▼
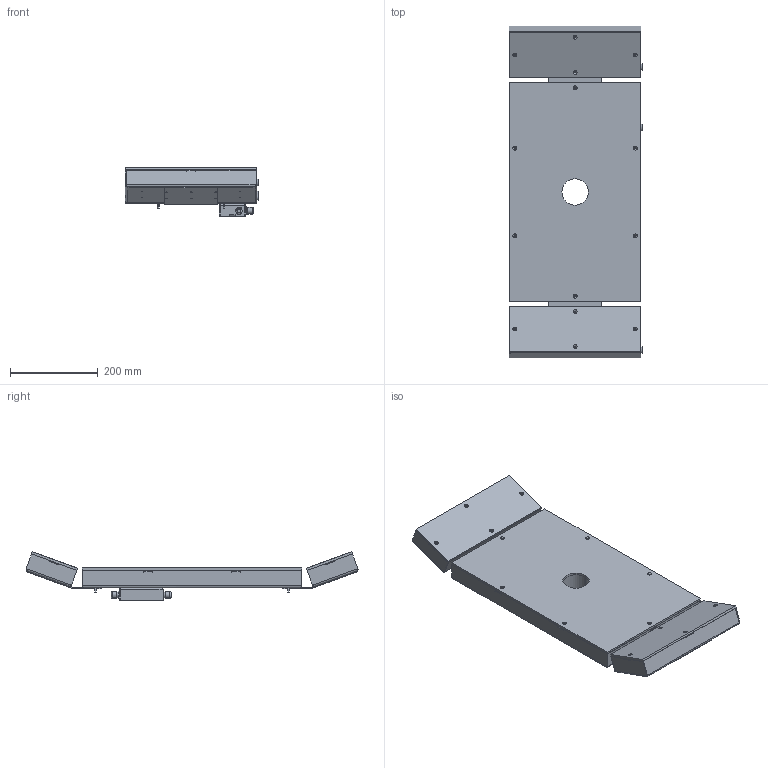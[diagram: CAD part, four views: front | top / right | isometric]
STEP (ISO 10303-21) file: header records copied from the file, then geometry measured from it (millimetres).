
FILE_DESCRIPTION (( 'STEP AP214' ), '1' );
FILE_NAME ('GM000589 White Toplight 650_800.STEP', '2022-01-24T14:53:19', ( '' ), ( '' ), 'SwSTEP 2.0', 'SolidWorks 2020', '' );
FILE_SCHEMA (( 'AUTOMOTIVE_DESIGN' ));
Length unit declared in the file: millimetre
Products named in the file (14): PD002287; PD001799; CE000436; PD002365; PD002286; CM000968; PD002366; PD002570; CM000966; CE000390; GM000589 White Toplight 650_800; CE000391; CM000965; PD002354
Assembly tree (27 placements, depth 2):
  GM000589 White Toplight 650_800
    PD001799
    PD002287
    PD002286
    CE000391
    CE000390  x2
    PD002354  x2
    PD002366  x2
    PD002365  x2
    CM000965  x3
    CM000966  x3
    PD002570
    CE000436  x2
    CM000968  x6
Bounding box: 304 x 756.4 x 110.34 mm (x, y, z)
Volume: 2107786.8 mm3; surface area: 1641653.3 mm2
Topology: 27 solids, 27 shells, 1630 faces, 4242 edges, 2712 vertices
Faces by surface type: plane 839, cylinder 707, bspline 32, cone 28, torus 24
Entity records: 34087 total; most frequent: CARTESIAN_POINT 7008, DIRECTION 5381, ORIENTED_EDGE 5218, EDGE_CURVE 2609, AXIS2_PLACEMENT_3D 1897, VERTEX_POINT 1660, VECTOR 1587, LINE 1587
▲
## Description of the task
Return every line from the entries above that contains the word "White".

## Answer to the exercise
FILE_NAME ('GM000589 White Toplight 650_800.STEP', '2022-01-24T14:53:19', ( '' ), ( '' ), 'SwSTEP 2.0', 'SolidWorks 2020', '' );
Products named in the file (14): PD002287; PD001799; CE000436; PD002365; PD002286; CM000968; PD002366; PD002570; CM000966; CE000390; GM000589 White Toplight 650_800; CE000391; CM000965; PD002354
  GM000589 White Toplight 650_800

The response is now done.